On Monday, June 18, 2012, Prashant Kumar wrote:

The azimuthal axis splits a sphere in half, depending on whether you take a
parallel or transverse cut. Hence two lobes.

 

http://upload.wikimedia.org/wikipedia/commons/f/f7/Azimuth-Altitude_schemati
.svg
<http://upload.wikimedia.org/wikipedia/commons/f/f7/Azimuth-Altitude_schemat
ic.svg> 

 

This ties in with the three meanings of "ab-hauen"

 

http://en.wiktionary.org/wiki/abhauen

 

On 18 June 2012 23:31, David Morris <fqmorris at gmail.com> wrote:

"two lobes symmetrical about the rocket's intended azimuth."

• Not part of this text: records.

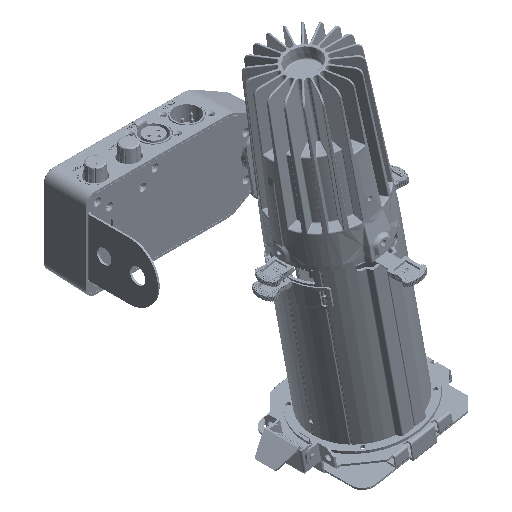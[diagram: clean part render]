
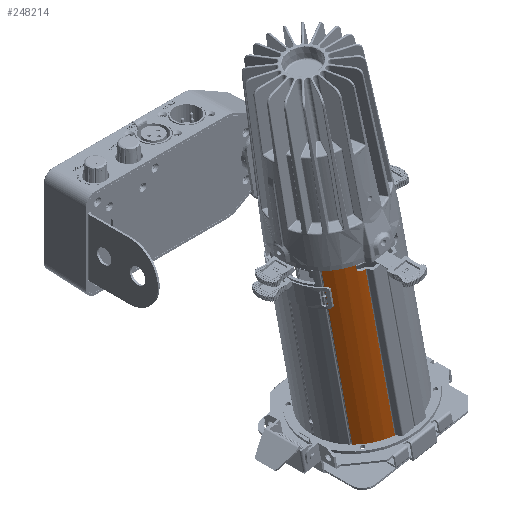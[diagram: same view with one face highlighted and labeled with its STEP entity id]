
A CAD part, isometric view. The second image highlights one B-rep face of the part: STEP entity #248214.
In plain terms, the highlighted cylindrical face has radius 41.5 mm (diameter 83 mm), a partial arc.
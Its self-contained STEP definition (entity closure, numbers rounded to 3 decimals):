
#10501 = CARTESIAN_POINT ( 'NONE',  ( -14.433, -63.272, 38.908 ) ) ;
#12064 = CARTESIAN_POINT ( 'NONE',  ( -14.928, -62.478, 38.722 ) ) ;
#13624 = CARTESIAN_POINT ( 'NONE',  ( -14.194, -64.5, 38.997 ) ) ;
#14412 = DIRECTION ( 'NONE',  ( -0.465, 0., 0.885 ) ) ;
#14990 = VECTOR ( 'NONE', #147515, 1000. ) ;
#22284 = ORIENTED_EDGE ( 'NONE', *, *, #26305, .F. ) ;
#23665 = CARTESIAN_POINT ( 'NONE',  ( -14.194, -67.5, 38.997 ) ) ;
#26305 = EDGE_CURVE ( 'NONE', #296919, #40889, #216724, .T. ) ;
#32479 = EDGE_CURVE ( 'NONE', #130624, #136808, #310953, .T. ) ;
#32547 = ORIENTED_EDGE ( 'NONE', *, *, #129024, .T. ) ;
#40587 = CARTESIAN_POINT ( 'NONE',  ( -14.826, -62.602, 38.761 ) ) ;
#40889 = VERTEX_POINT ( 'NONE', #302419 ) ;
#41405 = DIRECTION ( 'NONE',  ( 0., 1., 0. ) ) ;
#44363 = VERTEX_POINT ( 'NONE', #308551 ) ;
#48920 = CARTESIAN_POINT ( 'NONE',  ( -14.194, -67.5, 38.997 ) ) ;
#53572 = CARTESIAN_POINT ( 'NONE',  ( 0., -67.5, 0. ) ) ;
#60305 = CARTESIAN_POINT ( 'NONE',  ( 5.496, -47.175, 41.134 ) ) ;
#66312 = DIRECTION ( 'NONE',  ( 0., 1., 0. ) ) ;
#71989 = EDGE_CURVE ( 'NONE', #287543, #188838, #301484, .T. ) ;
#73397 = DIRECTION ( 'NONE',  ( 0.147, 0., 0.989 ) ) ;
#78489 = AXIS2_PLACEMENT_3D ( 'NONE', #98792, #295592, #73397 ) ;
#81096 = VERTEX_POINT ( 'NONE', #143947 ) ;
#83357 = EDGE_CURVE ( 'NONE', #287543, #81096, #113238, .T. ) ;
#85101 = CARTESIAN_POINT ( 'NONE',  ( -15.015, -62.38, 38.689 ) ) ;
#87280 = CARTESIAN_POINT ( 'NONE',  ( 5.496, -47., 41.134 ) ) ;
#87399 = ORIENTED_EDGE ( 'NONE', *, *, #130756, .F. ) ;
#87665 = B_SPLINE_CURVE_WITH_KNOTS ( 'NONE', 3,
 ( #122093, #98275, #273929, #227839, #251657, #195067 ),
 .UNSPECIFIED., .F., .F.,
 ( 4, 2, 4 ),
 ( 0., 0.5, 1. ),
 .UNSPECIFIED. ) ;
#88263 = CARTESIAN_POINT ( 'NONE',  ( -14.697, -62.78, 38.81 ) ) ;
#91437 = CARTESIAN_POINT ( 'NONE',  ( -15.613, -61.861, 38.452 ) ) ;
#94137 = DIRECTION ( 'NONE',  ( 0., -1., 0. ) ) ;
#96121 = CARTESIAN_POINT ( 'NONE',  ( -16.976, -61.5, 37.869 ) ) ;
#98275 = CARTESIAN_POINT ( 'NONE',  ( 5.895, -46.155, 41.08 ) ) ;
#98792 = CARTESIAN_POINT ( 'NONE',  ( 0., 73.5, 0. ) ) ;
#105812 = ORIENTED_EDGE ( 'NONE', *, *, #83357, .F. ) ;
#107384 = CARTESIAN_POINT ( 'NONE',  ( -14.988, -62.409, 38.699 ) ) ;
#108931 = CARTESIAN_POINT ( 'NONE',  ( -15.017, -62.378, 38.688 ) ) ;
#111075 = CARTESIAN_POINT ( 'NONE',  ( 6.109, -47.971, 41.048 ) ) ;
#113238 = LINE ( 'NONE', #263970, #164570 ) ;
#122093 = CARTESIAN_POINT ( 'NONE',  ( 6.109, -46.029, 41.048 ) ) ;
#128672 = EDGE_LOOP ( 'NONE', ( #87399, #105812, #176951, #228648, #32547, #221174, #284506, #197058, #22284, #273263 ) ) ;
#129024 = EDGE_CURVE ( 'NONE', #301199, #44363, #256320, .T. ) ;
#130398 = EDGE_CURVE ( 'NONE', #130624, #40889, #205749, .T. ) ;
#130624 = VERTEX_POINT ( 'NONE', #23665 ) ;
#130756 = EDGE_CURVE ( 'NONE', #81096, #134002, #87665, .T. ) ;
#134002 = VERTEX_POINT ( 'NONE', #143488 ) ;
#136447 = CARTESIAN_POINT ( 'NONE',  ( 5.895, -47.845, 41.08 ) ) ;
#136808 = VERTEX_POINT ( 'NONE', #168869 ) ;
#139017 = CARTESIAN_POINT ( 'NONE',  ( -16.285, -61.57, 38.172 ) ) ;
#140882 = CARTESIAN_POINT ( 'NONE',  ( 0., -67.5, 0. ) ) ;
#143488 = CARTESIAN_POINT ( 'NONE',  ( 5.496, -47., 41.134 ) ) ;
#143947 = CARTESIAN_POINT ( 'NONE',  ( 6.109, -46.029, 41.048 ) ) ;
#147515 = DIRECTION ( 'NONE',  ( 0., -1., 0. ) ) ;
#150414 = DIRECTION ( 'NONE',  ( -0.342, 0., 0.94 ) ) ;
#155222 = EDGE_CURVE ( 'NONE', #188838, #301199, #217440, .T. ) ;
#159705 = CARTESIAN_POINT ( 'NONE',  ( -14.868, -62.549, 38.745 ) ) ;
#160361 = B_SPLINE_CURVE_WITH_KNOTS ( 'NONE', 3,
 ( #87280, #60305, #301606, #182489, #136447, #111075 ),
 .UNSPECIFIED., .F., .F.,
 ( 4, 2, 4 ),
 ( 0., 0.5, 1. ),
 .UNSPECIFIED. ) ;
#164570 = VECTOR ( 'NONE', #94137, 1000. ) ;
#164757 = B_SPLINE_CURVE_WITH_KNOTS ( 'NONE', 3,
 ( #13624, #229586, #208870, #185051, #10501, #207299, #88263, #40587, #159705, #12064, #302609, #281924, #107384, #204170, #180361, #85101, #108931, #278781, #235853, #91437, #139017, #285085, #96121 ),
 .UNSPECIFIED., .F., .F.,
 ( 4, 2, 2, 2, 2, 2, 1, 1, 1, 2, 2, 2, 4 ),
 ( 0., 0.125, 0.25, 0.375, 0.438, 0.469, 0.484, 0.492, 0.496, 0.498, 0.5, 0.75, 1. ),
 .UNSPECIFIED. ) ;
#167495 = DIRECTION ( 'NONE',  ( 0., -1., 0. ) ) ;
#168869 = CARTESIAN_POINT ( 'NONE',  ( -14.194, -64.5, 38.997 ) ) ;
#175487 = CARTESIAN_POINT ( 'NONE',  ( 6.109, -47.971, 41.048 ) ) ;
#176951 = ORIENTED_EDGE ( 'NONE', *, *, #71989, .T. ) ;
#180361 = CARTESIAN_POINT ( 'NONE',  ( -15.012, -62.384, 38.69 ) ) ;
#182489 = CARTESIAN_POINT ( 'NONE',  ( 5.741, -47.683, 41.101 ) ) ;
#185051 = CARTESIAN_POINT ( 'NONE',  ( -14.353, -63.476, 38.938 ) ) ;
#188838 = VERTEX_POINT ( 'NONE', #291599 ) ;
#195067 = CARTESIAN_POINT ( 'NONE',  ( 5.496, -47., 41.134 ) ) ;
#195384 = AXIS2_PLACEMENT_3D ( 'NONE', #231949, #41405, #14412 ) ;
#197058 = ORIENTED_EDGE ( 'NONE', *, *, #130398, .T. ) ;
#204170 = CARTESIAN_POINT ( 'NONE',  ( -15.004, -62.392, 38.693 ) ) ;
#205749 = CIRCLE ( 'NONE', #246375, 41.5 ) ;
#207299 = CARTESIAN_POINT ( 'NONE',  ( -14.606, -62.925, 38.844 ) ) ;
#207934 = EDGE_CURVE ( 'NONE', #136808, #44363, #164757, .T. ) ;
#208870 = CARTESIAN_POINT ( 'NONE',  ( -14.233, -63.945, 38.983 ) ) ;
#215851 = CARTESIAN_POINT ( 'NONE',  ( -19.315, 73.5, 36.731 ) ) ;
#216724 = LINE ( 'NONE', #237383, #286240 ) ;
#217440 = LINE ( 'NONE', #215851, #14990 ) ;
#221174 = ORIENTED_EDGE ( 'NONE', *, *, #207934, .F. ) ;
#227839 = CARTESIAN_POINT ( 'NONE',  ( 5.545, -46.646, 41.128 ) ) ;
#228648 = ORIENTED_EDGE ( 'NONE', *, *, #155222, .T. ) ;
#229586 = CARTESIAN_POINT ( 'NONE',  ( -14.194, -64.211, 38.997 ) ) ;
#230537 = EDGE_CURVE ( 'NONE', #134002, #296919, #160361, .T. ) ;
#231949 = CARTESIAN_POINT ( 'NONE',  ( 0., -61.5, 0. ) ) ;
#235853 = CARTESIAN_POINT ( 'NONE',  ( -15.292, -62.084, 38.581 ) ) ;
#237383 = CARTESIAN_POINT ( 'NONE',  ( 6.109, -47.971, 41.048 ) ) ;
#239318 = CARTESIAN_POINT ( 'NONE',  ( -19.315, -61.5, 36.731 ) ) ;
#239470 = DIRECTION ( 'NONE',  ( 0., 1., 0. ) ) ;
#246375 = AXIS2_PLACEMENT_3D ( 'NONE', #53572, #271058, #150414 ) ;
#248214 = ADVANCED_FACE ( 'NONE', ( #309222 ), #312358, .T. ) ;
#251657 = CARTESIAN_POINT ( 'NONE',  ( 5.496, -46.825, 41.134 ) ) ;
#256320 = CIRCLE ( 'NONE', #195384, 41.5 ) ;
#261558 = DIRECTION ( 'NONE',  ( 1., 0., 0. ) ) ;
#263970 = CARTESIAN_POINT ( 'NONE',  ( 6.109, 73.5, 41.048 ) ) ;
#271058 = DIRECTION ( 'NONE',  ( 0., 1., 0. ) ) ;
#273263 = ORIENTED_EDGE ( 'NONE', *, *, #230537, .F. ) ;
#273929 = CARTESIAN_POINT ( 'NONE',  ( 5.741, -46.317, 41.101 ) ) ;
#278781 = CARTESIAN_POINT ( 'NONE',  ( -15.017, -62.378, 38.688 ) ) ;
#281924 = CARTESIAN_POINT ( 'NONE',  ( -14.975, -62.424, 38.704 ) ) ;
#284506 = ORIENTED_EDGE ( 'NONE', *, *, #32479, .F. ) ;
#285085 = CARTESIAN_POINT ( 'NONE',  ( -16.637, -61.5, 38.021 ) ) ;
#286240 = VECTOR ( 'NONE', #167495, 1000. ) ;
#287543 = VERTEX_POINT ( 'NONE', #295500 ) ;
#291599 = CARTESIAN_POINT ( 'NONE',  ( -19.315, 73.5, 36.731 ) ) ;
#295500 = CARTESIAN_POINT ( 'NONE',  ( 6.109, 73.5, 41.048 ) ) ;
#295592 = DIRECTION ( 'NONE',  ( 0., -1., 0. ) ) ;
#296919 = VERTEX_POINT ( 'NONE', #175487 ) ;
#301199 = VERTEX_POINT ( 'NONE', #239318 ) ;
#301484 = CIRCLE ( 'NONE', #78489, 41.5 ) ;
#301606 = CARTESIAN_POINT ( 'NONE',  ( 5.546, -47.355, 41.128 ) ) ;
#302419 = CARTESIAN_POINT ( 'NONE',  ( 6.109, -67.5, 41.048 ) ) ;
#302502 = VECTOR ( 'NONE', #239470, 1000. ) ;
#302609 = CARTESIAN_POINT ( 'NONE',  ( -14.947, -62.456, 38.715 ) ) ;
#308046 = AXIS2_PLACEMENT_3D ( 'NONE', #140882, #66312, #261558 ) ;
#308551 = CARTESIAN_POINT ( 'NONE',  ( -16.976, -61.5, 37.869 ) ) ;
#309222 = FACE_OUTER_BOUND ( 'NONE', #128672, .T. ) ;
#310953 = LINE ( 'NONE', #48920, #302502 ) ;
#312358 = CYLINDRICAL_SURFACE ( 'NONE', #308046, 41.5 ) ;

I think the two lobes are the two sides of the rockets trajectory,
upwar and downward.


On Sun, Jun 17, 2012 at 11:15 PM, Mike Jing
<gravitys.rainbow.cn at gmail.com> wrote:
> P209.27-210.4   Sir Stephen introduces himself, freckles roused by the
> sun, eying the comic book curiously. "I gather this isn't a study
> period."
> "Is he cleared?"
> "He's cleared," Katje smiling/shrugging at Dodson-Truck.
> "Taking a break from that Telefunken radio control. That 'Hawaii I.'
> You know anything about that?"
> "Only enough to wonder where they got the name from."
> "The name?"
> "There's a poetry to it, engineer's poetry . . . it suggests Haverie-
> average, you know-certainly you have the two lobes, don't you,
> symmetrical about the rocket's intended azimuth . . . hauen, too-
> smashing someone with a hoe or a club . . ." off on a voyage of his
> own here, smiling at no one in particular, bringing in the popular
> wartime expression ab-hauen, quarterstaff technique, peasant humor,
> phallic comedy dating back to the ancient Greeks. . . . Slothrop's
> first impulse is to get back to what that Plas is into, but something
> about the man, despite obvious membership in the plot, keeps him
> listening . . . an innocence, maybe a try at being friendly in the
> only way he has available, sharing what engages and runs him, a love
> for the Word.
>
> What are these "two lobes"?  Two halves of the rocket, the rocket's
> trajectory, or something else?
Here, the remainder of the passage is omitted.